Items from a data source
--- START ---
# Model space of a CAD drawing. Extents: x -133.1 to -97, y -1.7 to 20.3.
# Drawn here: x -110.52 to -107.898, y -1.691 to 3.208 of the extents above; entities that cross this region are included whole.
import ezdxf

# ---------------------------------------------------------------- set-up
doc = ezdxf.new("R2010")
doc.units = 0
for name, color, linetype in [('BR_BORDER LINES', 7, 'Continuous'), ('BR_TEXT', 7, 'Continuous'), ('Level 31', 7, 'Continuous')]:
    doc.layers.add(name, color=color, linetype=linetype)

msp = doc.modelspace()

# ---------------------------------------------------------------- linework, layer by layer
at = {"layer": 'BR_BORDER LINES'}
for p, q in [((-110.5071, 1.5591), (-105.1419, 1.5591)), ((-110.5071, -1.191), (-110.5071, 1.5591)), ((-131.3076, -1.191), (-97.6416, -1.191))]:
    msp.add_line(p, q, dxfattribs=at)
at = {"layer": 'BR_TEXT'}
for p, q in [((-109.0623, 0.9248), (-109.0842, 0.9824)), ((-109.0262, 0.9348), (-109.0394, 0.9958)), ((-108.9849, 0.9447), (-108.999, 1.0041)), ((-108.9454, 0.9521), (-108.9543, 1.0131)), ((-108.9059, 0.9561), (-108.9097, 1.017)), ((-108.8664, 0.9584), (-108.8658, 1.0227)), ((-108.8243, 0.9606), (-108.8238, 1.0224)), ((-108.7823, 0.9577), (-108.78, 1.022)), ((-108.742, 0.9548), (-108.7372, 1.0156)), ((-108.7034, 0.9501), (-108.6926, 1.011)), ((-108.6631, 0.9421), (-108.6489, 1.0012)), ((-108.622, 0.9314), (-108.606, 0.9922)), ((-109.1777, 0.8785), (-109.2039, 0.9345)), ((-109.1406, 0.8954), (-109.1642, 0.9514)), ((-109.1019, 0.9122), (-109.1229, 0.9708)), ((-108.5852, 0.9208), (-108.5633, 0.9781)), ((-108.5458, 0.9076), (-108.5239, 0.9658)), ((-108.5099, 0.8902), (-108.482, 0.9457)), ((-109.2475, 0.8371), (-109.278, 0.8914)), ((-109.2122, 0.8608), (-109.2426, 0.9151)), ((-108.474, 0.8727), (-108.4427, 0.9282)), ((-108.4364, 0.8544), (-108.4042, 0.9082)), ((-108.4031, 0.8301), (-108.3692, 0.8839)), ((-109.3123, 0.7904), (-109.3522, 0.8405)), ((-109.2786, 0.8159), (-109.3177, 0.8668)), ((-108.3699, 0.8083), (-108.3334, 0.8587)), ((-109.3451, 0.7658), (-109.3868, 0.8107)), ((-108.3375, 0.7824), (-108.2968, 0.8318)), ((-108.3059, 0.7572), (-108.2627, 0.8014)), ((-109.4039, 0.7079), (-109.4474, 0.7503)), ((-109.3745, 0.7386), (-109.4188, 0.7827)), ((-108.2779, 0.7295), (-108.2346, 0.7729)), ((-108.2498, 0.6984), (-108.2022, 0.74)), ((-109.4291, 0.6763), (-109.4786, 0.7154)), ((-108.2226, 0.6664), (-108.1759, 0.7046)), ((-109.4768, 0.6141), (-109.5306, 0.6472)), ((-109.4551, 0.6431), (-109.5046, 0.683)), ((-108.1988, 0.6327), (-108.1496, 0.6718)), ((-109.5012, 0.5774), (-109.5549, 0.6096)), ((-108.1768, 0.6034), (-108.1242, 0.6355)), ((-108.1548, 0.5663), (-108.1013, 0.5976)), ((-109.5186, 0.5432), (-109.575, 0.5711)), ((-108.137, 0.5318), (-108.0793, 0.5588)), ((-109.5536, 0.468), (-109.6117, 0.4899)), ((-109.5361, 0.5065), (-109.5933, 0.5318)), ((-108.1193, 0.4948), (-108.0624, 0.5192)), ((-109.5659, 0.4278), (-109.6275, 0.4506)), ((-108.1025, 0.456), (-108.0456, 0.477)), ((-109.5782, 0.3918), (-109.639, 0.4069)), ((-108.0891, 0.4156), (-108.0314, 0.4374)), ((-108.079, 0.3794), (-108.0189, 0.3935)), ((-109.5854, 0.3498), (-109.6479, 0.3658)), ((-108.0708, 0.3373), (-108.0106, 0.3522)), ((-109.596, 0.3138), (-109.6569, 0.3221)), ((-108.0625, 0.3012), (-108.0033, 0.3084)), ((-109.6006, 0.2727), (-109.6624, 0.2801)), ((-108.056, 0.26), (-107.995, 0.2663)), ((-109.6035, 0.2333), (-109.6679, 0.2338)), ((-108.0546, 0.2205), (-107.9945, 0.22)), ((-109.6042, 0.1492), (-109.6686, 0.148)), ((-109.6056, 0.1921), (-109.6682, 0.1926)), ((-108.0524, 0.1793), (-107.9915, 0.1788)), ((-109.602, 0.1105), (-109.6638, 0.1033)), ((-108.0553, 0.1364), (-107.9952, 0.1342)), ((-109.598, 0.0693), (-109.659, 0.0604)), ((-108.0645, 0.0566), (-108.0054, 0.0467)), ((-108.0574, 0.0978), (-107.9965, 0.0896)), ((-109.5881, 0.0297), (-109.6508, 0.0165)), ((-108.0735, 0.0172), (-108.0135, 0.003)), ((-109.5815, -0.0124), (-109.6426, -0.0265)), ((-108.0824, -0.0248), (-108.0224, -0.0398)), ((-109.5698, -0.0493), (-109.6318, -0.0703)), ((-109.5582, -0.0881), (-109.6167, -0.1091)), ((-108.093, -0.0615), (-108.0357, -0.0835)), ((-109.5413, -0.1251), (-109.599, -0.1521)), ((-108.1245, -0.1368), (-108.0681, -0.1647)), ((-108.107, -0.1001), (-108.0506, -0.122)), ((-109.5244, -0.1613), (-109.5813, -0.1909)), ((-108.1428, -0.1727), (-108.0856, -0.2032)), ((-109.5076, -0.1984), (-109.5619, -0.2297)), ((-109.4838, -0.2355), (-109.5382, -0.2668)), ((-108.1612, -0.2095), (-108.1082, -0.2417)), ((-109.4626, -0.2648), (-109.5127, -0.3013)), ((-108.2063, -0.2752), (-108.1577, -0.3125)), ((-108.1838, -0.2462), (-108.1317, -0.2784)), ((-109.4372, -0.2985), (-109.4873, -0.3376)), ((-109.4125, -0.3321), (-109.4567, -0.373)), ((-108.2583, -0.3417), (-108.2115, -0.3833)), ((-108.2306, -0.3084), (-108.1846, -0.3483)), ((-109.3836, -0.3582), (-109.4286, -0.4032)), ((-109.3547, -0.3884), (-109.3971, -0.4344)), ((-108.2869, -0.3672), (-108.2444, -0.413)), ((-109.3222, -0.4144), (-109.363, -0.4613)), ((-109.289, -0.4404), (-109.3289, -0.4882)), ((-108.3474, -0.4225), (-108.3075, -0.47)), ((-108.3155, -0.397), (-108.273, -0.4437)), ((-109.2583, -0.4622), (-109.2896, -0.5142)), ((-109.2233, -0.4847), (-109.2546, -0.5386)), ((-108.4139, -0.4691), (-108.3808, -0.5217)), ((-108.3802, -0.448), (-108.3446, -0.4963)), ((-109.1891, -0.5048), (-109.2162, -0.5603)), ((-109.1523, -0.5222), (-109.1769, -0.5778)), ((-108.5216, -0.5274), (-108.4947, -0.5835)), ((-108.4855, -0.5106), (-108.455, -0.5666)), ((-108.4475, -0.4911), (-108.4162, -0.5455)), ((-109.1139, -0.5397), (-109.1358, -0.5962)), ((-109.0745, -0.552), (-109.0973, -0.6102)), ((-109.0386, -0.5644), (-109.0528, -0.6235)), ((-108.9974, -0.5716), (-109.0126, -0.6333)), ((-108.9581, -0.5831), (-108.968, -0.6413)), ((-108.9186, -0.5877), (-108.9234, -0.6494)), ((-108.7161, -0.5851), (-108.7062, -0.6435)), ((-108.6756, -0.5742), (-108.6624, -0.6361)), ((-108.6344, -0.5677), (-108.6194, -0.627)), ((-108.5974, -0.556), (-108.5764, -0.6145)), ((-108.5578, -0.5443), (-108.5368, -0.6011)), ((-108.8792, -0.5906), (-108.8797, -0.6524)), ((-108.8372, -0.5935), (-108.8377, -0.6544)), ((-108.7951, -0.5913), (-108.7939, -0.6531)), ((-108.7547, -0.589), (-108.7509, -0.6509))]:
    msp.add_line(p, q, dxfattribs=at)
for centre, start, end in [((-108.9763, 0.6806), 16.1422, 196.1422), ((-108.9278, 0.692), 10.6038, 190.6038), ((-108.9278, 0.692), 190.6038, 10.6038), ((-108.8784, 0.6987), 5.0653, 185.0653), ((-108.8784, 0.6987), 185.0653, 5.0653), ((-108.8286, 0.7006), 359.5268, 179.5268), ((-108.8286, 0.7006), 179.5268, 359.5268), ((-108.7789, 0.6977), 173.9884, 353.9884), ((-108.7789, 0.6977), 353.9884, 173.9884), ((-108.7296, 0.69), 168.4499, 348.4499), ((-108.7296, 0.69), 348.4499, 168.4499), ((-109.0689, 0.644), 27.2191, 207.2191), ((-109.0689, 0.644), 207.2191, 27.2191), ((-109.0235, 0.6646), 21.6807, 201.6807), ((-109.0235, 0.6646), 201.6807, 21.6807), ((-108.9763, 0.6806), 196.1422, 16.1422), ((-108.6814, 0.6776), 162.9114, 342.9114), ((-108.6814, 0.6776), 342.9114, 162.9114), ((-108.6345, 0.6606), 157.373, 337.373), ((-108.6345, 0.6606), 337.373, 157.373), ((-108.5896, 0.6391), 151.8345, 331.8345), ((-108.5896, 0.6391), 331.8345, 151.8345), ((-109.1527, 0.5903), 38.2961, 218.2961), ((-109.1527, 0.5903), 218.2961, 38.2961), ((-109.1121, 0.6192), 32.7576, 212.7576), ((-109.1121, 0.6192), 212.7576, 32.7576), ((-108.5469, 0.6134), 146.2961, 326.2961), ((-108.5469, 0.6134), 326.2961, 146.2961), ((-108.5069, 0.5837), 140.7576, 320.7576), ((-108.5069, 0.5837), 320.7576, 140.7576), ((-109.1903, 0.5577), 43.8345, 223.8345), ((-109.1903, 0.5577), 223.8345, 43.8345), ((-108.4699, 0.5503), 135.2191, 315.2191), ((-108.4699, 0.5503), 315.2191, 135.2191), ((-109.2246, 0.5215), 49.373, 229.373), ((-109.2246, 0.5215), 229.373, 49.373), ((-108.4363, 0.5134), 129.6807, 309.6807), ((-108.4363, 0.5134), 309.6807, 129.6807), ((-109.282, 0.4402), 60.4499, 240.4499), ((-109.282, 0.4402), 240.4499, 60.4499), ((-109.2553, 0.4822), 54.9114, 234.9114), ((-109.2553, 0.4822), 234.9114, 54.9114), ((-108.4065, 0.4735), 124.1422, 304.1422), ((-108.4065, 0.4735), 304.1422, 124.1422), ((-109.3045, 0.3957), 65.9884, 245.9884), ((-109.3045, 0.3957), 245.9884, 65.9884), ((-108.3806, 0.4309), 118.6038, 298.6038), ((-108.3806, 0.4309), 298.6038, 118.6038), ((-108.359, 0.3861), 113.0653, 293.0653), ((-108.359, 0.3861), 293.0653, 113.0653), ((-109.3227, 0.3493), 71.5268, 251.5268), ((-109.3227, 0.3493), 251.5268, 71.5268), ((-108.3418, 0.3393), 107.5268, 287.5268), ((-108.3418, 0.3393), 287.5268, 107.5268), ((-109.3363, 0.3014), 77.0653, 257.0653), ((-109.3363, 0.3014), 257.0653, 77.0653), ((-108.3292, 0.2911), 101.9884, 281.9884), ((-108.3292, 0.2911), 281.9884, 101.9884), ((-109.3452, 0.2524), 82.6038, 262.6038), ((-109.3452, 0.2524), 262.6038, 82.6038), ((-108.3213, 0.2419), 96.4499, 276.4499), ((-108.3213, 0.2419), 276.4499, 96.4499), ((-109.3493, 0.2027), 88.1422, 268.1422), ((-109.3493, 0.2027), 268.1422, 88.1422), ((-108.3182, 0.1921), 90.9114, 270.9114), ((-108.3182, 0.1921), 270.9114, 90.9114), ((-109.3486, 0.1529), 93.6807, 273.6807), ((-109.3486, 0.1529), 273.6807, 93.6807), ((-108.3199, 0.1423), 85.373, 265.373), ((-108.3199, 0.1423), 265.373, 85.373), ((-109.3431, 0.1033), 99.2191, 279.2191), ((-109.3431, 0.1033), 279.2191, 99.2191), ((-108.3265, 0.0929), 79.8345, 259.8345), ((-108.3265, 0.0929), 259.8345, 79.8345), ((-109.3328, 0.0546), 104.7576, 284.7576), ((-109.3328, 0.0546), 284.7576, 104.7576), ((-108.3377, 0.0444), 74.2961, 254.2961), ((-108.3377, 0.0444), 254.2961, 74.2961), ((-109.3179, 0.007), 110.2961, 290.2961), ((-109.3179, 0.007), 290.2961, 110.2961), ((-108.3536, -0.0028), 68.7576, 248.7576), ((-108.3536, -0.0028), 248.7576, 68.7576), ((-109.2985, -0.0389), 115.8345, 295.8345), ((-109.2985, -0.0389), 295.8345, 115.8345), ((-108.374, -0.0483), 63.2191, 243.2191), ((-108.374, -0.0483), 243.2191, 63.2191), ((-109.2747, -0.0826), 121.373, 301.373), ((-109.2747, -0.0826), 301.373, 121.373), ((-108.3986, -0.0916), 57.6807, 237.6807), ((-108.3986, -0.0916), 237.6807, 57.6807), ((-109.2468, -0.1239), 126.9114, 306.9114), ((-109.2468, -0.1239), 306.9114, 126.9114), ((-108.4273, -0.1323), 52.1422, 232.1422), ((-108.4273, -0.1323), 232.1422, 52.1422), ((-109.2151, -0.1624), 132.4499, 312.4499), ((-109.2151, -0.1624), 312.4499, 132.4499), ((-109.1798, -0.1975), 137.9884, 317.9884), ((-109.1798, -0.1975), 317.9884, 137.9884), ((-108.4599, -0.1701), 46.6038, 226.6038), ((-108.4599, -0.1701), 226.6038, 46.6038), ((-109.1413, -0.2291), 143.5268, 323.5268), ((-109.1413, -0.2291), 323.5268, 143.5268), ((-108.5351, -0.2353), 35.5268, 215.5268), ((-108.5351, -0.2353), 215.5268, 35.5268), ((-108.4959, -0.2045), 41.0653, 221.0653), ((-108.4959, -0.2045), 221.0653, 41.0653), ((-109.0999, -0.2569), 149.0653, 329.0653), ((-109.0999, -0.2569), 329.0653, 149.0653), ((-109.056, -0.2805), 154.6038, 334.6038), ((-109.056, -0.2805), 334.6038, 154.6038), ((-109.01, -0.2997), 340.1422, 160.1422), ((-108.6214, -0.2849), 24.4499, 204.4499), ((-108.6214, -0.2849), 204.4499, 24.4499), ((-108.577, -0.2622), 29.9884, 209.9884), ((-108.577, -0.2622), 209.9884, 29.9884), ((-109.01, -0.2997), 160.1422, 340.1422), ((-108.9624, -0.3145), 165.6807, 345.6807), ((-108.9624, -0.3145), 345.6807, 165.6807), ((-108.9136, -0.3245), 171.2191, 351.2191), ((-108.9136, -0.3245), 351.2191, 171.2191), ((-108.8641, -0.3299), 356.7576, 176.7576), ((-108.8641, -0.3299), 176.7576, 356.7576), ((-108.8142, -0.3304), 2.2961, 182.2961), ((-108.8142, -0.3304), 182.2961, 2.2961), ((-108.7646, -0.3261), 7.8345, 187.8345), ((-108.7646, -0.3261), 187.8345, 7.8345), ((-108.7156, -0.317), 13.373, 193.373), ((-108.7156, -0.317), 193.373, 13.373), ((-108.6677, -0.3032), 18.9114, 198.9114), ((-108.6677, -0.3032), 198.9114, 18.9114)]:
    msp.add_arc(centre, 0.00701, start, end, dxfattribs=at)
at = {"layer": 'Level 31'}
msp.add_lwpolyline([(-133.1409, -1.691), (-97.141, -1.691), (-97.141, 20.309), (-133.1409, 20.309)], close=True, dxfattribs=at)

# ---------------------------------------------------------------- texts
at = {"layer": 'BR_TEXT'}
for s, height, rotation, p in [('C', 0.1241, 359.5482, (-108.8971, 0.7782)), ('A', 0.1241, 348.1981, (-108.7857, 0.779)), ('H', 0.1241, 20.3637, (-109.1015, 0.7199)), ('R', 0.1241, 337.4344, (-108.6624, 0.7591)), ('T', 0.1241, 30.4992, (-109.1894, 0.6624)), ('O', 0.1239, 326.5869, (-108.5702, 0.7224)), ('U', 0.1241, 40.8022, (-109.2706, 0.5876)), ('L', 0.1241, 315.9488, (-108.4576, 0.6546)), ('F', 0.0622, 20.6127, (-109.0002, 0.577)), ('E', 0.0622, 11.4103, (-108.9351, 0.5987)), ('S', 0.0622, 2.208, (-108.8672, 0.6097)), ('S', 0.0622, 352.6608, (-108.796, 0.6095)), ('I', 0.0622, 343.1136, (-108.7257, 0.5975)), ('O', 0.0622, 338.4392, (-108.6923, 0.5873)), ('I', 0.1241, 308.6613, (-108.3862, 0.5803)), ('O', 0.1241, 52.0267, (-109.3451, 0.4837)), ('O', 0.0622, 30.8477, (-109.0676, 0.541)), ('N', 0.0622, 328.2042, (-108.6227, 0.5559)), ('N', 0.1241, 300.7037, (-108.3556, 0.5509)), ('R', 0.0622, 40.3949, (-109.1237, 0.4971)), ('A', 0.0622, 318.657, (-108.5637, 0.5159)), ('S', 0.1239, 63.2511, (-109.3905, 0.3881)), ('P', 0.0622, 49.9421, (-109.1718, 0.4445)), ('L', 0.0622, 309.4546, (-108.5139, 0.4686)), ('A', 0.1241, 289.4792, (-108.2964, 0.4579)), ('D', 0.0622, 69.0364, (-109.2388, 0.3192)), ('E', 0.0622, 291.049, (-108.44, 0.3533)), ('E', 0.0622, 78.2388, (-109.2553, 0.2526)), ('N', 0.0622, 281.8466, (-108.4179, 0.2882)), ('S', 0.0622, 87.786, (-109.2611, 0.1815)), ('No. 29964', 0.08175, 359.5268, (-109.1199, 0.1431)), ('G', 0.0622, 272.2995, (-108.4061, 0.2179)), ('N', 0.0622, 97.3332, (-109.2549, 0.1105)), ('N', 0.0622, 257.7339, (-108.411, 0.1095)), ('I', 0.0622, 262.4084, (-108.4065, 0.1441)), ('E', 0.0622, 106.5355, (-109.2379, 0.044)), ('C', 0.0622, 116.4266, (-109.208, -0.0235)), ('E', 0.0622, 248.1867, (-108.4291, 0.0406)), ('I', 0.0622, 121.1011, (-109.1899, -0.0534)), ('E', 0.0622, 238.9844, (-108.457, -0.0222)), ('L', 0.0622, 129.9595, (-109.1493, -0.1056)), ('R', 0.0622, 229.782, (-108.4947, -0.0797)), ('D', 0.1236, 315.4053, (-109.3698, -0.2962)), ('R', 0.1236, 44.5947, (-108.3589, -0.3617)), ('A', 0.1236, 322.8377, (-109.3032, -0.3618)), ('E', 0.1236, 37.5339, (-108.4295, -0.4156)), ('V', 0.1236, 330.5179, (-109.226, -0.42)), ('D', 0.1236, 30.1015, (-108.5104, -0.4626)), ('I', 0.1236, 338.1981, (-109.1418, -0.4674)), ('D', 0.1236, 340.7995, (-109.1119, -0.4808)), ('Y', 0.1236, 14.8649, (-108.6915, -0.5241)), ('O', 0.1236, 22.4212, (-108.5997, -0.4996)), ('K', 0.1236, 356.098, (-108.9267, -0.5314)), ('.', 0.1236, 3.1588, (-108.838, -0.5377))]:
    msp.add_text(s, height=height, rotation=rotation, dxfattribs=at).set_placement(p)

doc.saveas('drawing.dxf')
--- END ---
Action item: Show all lines in the entries above where the string "Level" appears.

Solution to the exercise:
for name, color, linetype in [('BR_BORDER LINES', 7, 'Continuous'), ('BR_TEXT', 7, 'Continuous'), ('Level 31', 7, 'Continuous')]:
at = {"layer": 'Level 31'}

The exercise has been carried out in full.